Dr Ang's work won the Lauriston Sharp Prize for best doctoral dissertation on South-east Asian studies at Cornell University and she is currently revising the work for publication as a book.
• Environmental scholar Angel Hsu has been collaborating with faculty and graduate students at Yale University to pursue data-driven approaches to environmental challenges.
Her team uses big data techniques to analyse pollution in various regions across Asia and assess its impact on climate change. Working with networks of companies and non-governmental organisations, Dr Hsu is creating an international working group that will provide a scientific basis for efforts to slow climate change.
Her research has been published in important journals like Nature and has influenced discussions at the World Economic Forum in Davos and the United Nations Conference on Climate Change in Paris.
This use of scientific and social-scientific evidence to inform policy decisions is a crucial example of the contributions that social scientists can make to improving the health of our region and our planet.
• Another of our colleagues, Assistant Professor Paul O'Keefe, has examined whether people believe their personal interests and passions are inherent (a "fixed mindset") or developed (a "growth mindset").
Working closely with Singapore's Ministry of Education, he has shown that a growth mindset leads to higher levels of interest in a greater variety of academic topics.
He is currently working on an experiment at Yale-NUS that tests how these mindsets affect interest in students engaging in a diverse curriculum.
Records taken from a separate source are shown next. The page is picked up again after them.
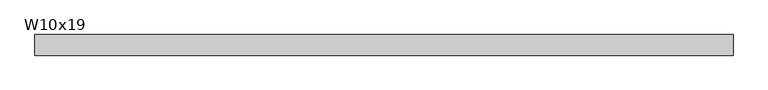
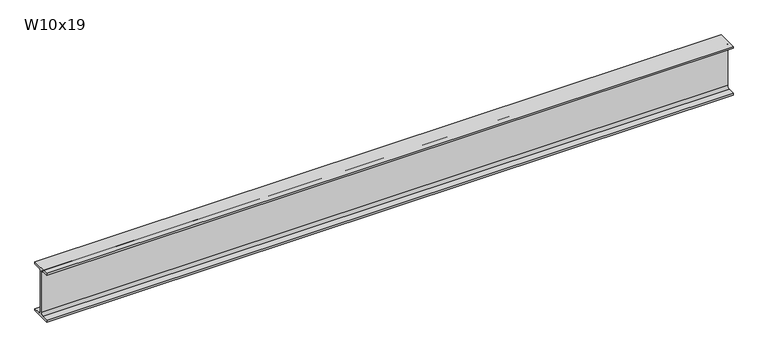
"""IFC4 building model written with IfcOpenShell, lengths in millimetres: beam geometry, RME W-Wide Flange : W10x19."""

from ifc_helpers import new_model, si_unit, point, frame, frame_2d, origin, place, context, project, spatial, polyline, circle_curve, trimmed, segment, composite_curve, outline, extrude, source, transform, mapped, element, save


def w10x19_80c7dafd(model_context):
    return source(origin(), model_context, "Body", "SweptSolid", [
        extrude(outline(composite_curve([segment(polyline([(51.054, -119.507), (51.054, -129.54), (-51.054, -129.54), (-51.054, -119.507), (-16.9545, -119.507)]), True, "CONTINUOUS"), segment(trimmed(circle_curve(frame_2d((-16.9545, -105.7275)), 13.7795), [point((-16.9545, -119.507))], [point((-3.175, -105.7275))], True, "CARTESIAN"), True, "CONTINUOUS"), segment(polyline([(-3.175, -105.7275), (-3.175, 105.7275)]), True, "CONTINUOUS"), segment(trimmed(circle_curve(frame_2d((-16.9545, 105.7275)), 13.7795), [point((-3.175, 105.7275))], [point((-16.9545, 119.507))], True, "CARTESIAN"), True, "CONTINUOUS"), segment(polyline([(-16.9545, 119.507), (-51.054, 119.507), (-51.054, 129.54), (51.054, 129.54), (51.054, 119.507), (16.9545, 119.507)]), True, "CONTINUOUS"), segment(trimmed(circle_curve(frame_2d((16.9545, 105.7275)), 13.7795), [point((16.9545, 119.507))], [point((3.175, 105.7275))], True, "CARTESIAN"), True, "CONTINUOUS"), segment(polyline([(3.175, 105.7275), (3.175, -105.7275)]), True, "CONTINUOUS"), segment(trimmed(circle_curve(frame_2d((16.9545, -105.7275)), 13.7795), [point((3.175, -105.7275))], [point((16.9545, -119.507))], True, "CARTESIAN"), True, "CONTINUOUS"), segment(polyline([(16.9545, -119.507), (51.054, -119.507)]), True, "CONTINUOUS")], self_intersect=False)), frame((-1732.5793379, 0.0, 0.0), z_axis=(1.0, 0.0, 0.0), x_axis=(0.0, 1.0, 0.0)), (0.0, 0.0, 1.0), 3457.6885493),
    ])


if __name__ == "__main__":
    model = new_model("IFC4")
    model_context = context("Model", 3, world=origin())
    ifc_project = project(units=[si_unit("LENGTHUNIT", "METRE", prefix="MILLI")], contexts=[model_context])
    site = spatial("IfcSite", under=ifc_project)
    building = spatial("IfcBuilding", under=site)
    placement = place(None, origin())
    w10x19_shape = w10x19_80c7dafd(model_context)
    element("IfcBeam", 1, ObjectType="RME W-Wide Flange : W10x19", at=placement, inside=building, context=model_context, shape_type="MappedRepresentation", body=[
        mapped(w10x19_shape, transform((0.0, 0.0, 0.0), x_axis=(1.0, 0.0, 0.0), y_axis=(0.0, 1.0, 0.0), z_axis=(0.0, 0.0, 1.0))),
    ])
    save(model, "model.ifc")

# Revit data of these elements
# Type "RME W-Wide Flange : W10x19"
#   WELD P [instance default] = ""
#   WELD LE [instance default] = ""
#   WELD D [instance default] = ""
#   TOP SECTION SIZE [instance default] = ""
#   TOP SECTION LENGTH [instance default] = ""
#   REMARKS [instance default] = ""
#   REINF TYPE [instance default] = ""
#   Nominal Size = "W24"
#   End Bearing Capacity [instance default] = ""
#   BOT SECTION SIZE [instance default] = ""
#   BOT SECTION LENGTH [instance default] = ""
#   Assembly Code = "B10"
#   W = 19
#   Start Extension Calculation [instance default] = 10' - 0"
#   Start Extension [instance default] = -0' - 0 1/2"
#   End Extension Calculation [instance default] = 10' - 0"
#   End Extension [instance default] = -0' - 0 1/2"
#   Length [instance default] = 5' - 0"
#   bf = 0' - 4.02"
#   d = 0' - 10.2"
#   k = 0' - 0 15/16"
#   k2 = 0' - 0.5425"
#   tf = 0' - 0.395"
#   tw = 0' - 0 1/4"
#   A = 0.0390278 SF
#   Structural Material [instance default] = Metal - Steel - ASTM A992
# Element 1 (IfcBeam, "RME W-Wide Flange : W10x19")
#   Length = 11' - 10.86522"
#   Materials on its faces: "Metal - Steel - ASTM A992"
# Materials
#   "Metal - Steel - ASTM A992": class "Metal", colour RGB 255 128 0, transparency 0
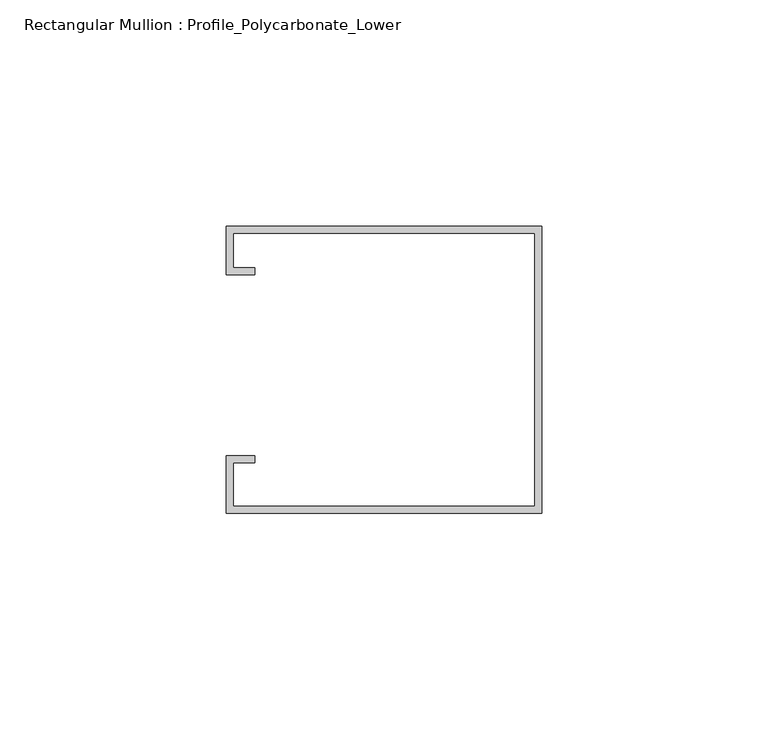
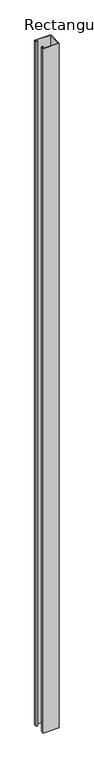
"""IFC4 building model written with IfcOpenShell, lengths in millimetres: member geometry, Rectangular Mullion : Profile_Polycarbonate_Lower."""

from ifc_helpers import new_model, si_unit, frame, origin, place, context, project, spatial, polyline, outline, extrude, source, transform, mapped, element, save


def rectangular_mullion_profile_polycarbonate_lower_e256f0d7(model_context):
    return source(origin(), model_context, "Body", "SweptSolid", [
        extrude(outline(polyline([(0.0, -32.7), (-69.85, -32.7), (-69.85, -20.0), (-63.5, -20.0), (-63.5, -21.5875), (-68.2625, -21.5875), (-68.2625, -31.1125), (-1.5875, -31.1125), (-1.5875, 29.2125), (-68.2625, 29.2125), (-68.2625, 21.5875), (-63.5, 21.5875), (-63.5, 20.0), (-69.85, 20.0), (-69.85, 30.8), (0.0, 30.8), (0.0, -32.7)])), frame((0.0, 0.0, -3136.9), z_axis=(0.0, 0.0, 1.0), x_axis=(1.0, 0.0, 0.0)), (0.0, 0.0, 1.0), 3136.9),
    ])


if __name__ == "__main__":
    model = new_model("IFC4")
    model_context = context("Model", 3, world=origin())
    ifc_project = project(units=[si_unit("LENGTHUNIT", "METRE", prefix="MILLI")], contexts=[model_context])
    site = spatial("IfcSite", under=ifc_project)
    building = spatial("IfcBuilding", under=site)
    placement = place(None, origin())
    rectangular_mullion_profile_polycarbonate_lower_shape = rectangular_mullion_profile_polycarbonate_lower_e256f0d7(model_context)
    element("IfcMember", 1, ObjectType="Rectangular Mullion : Profile_Polycarbonate_Lower", at=placement, inside=building, context=model_context, shape_type="MappedRepresentation", body=[
        mapped(rectangular_mullion_profile_polycarbonate_lower_shape, transform((0.0, 0.0, 0.0), x_axis=(1.0, 0.0, 0.0), y_axis=(0.0, 1.0, 0.0), z_axis=(0.0, 0.0, 1.0))),
    ])
    save(model, "model.ifc")

# Revit data of these elements
# Type "Rectangular Mullion : Profile_Polycarbonate_Lower"
#   built-in parameter 1007322 = 0.208333 (stored number, unit not read)
#   built-in parameter 1007321 = 0 (stored number, unit not read)
#   built-in parameter 1007320 = 0.00520833 (stored number, unit not read)
# Element 1 (IfcMember, "Rectangular Mullion : Profile_Polycarbonate_Lower")
#   Materials on its faces: "ALUMINUM PROFILE AT POLYCARBONATE PANEL"
# Materials
#   "ALUMINUM PROFILE AT POLYCARBONATE PANEL": class "Metal", colour RGB 244 244 244, transparency 0, Description = "Aluminum 6061", Cost = 0

This research could help local educators and policymakers make informed decisions on education-related policies and expand the various pathways that students could consider in their educational journey.
In today's challenging and ever-changing environment, policymakers need to have a strong grasp of public opinion and future trends while developing policies that are responsive and relevant. To tackle today's complex social issues, interdisciplinary research in humanities and social sciences plays a significant role.
Singapore's cultural and social policies will be better informed in the future as more researchers help us to understand the region's past, discern the major issues that confront us today and analyse the trends that will shape Singapore's future.
Professor Pericles Lewis is president of Yale-NUS College.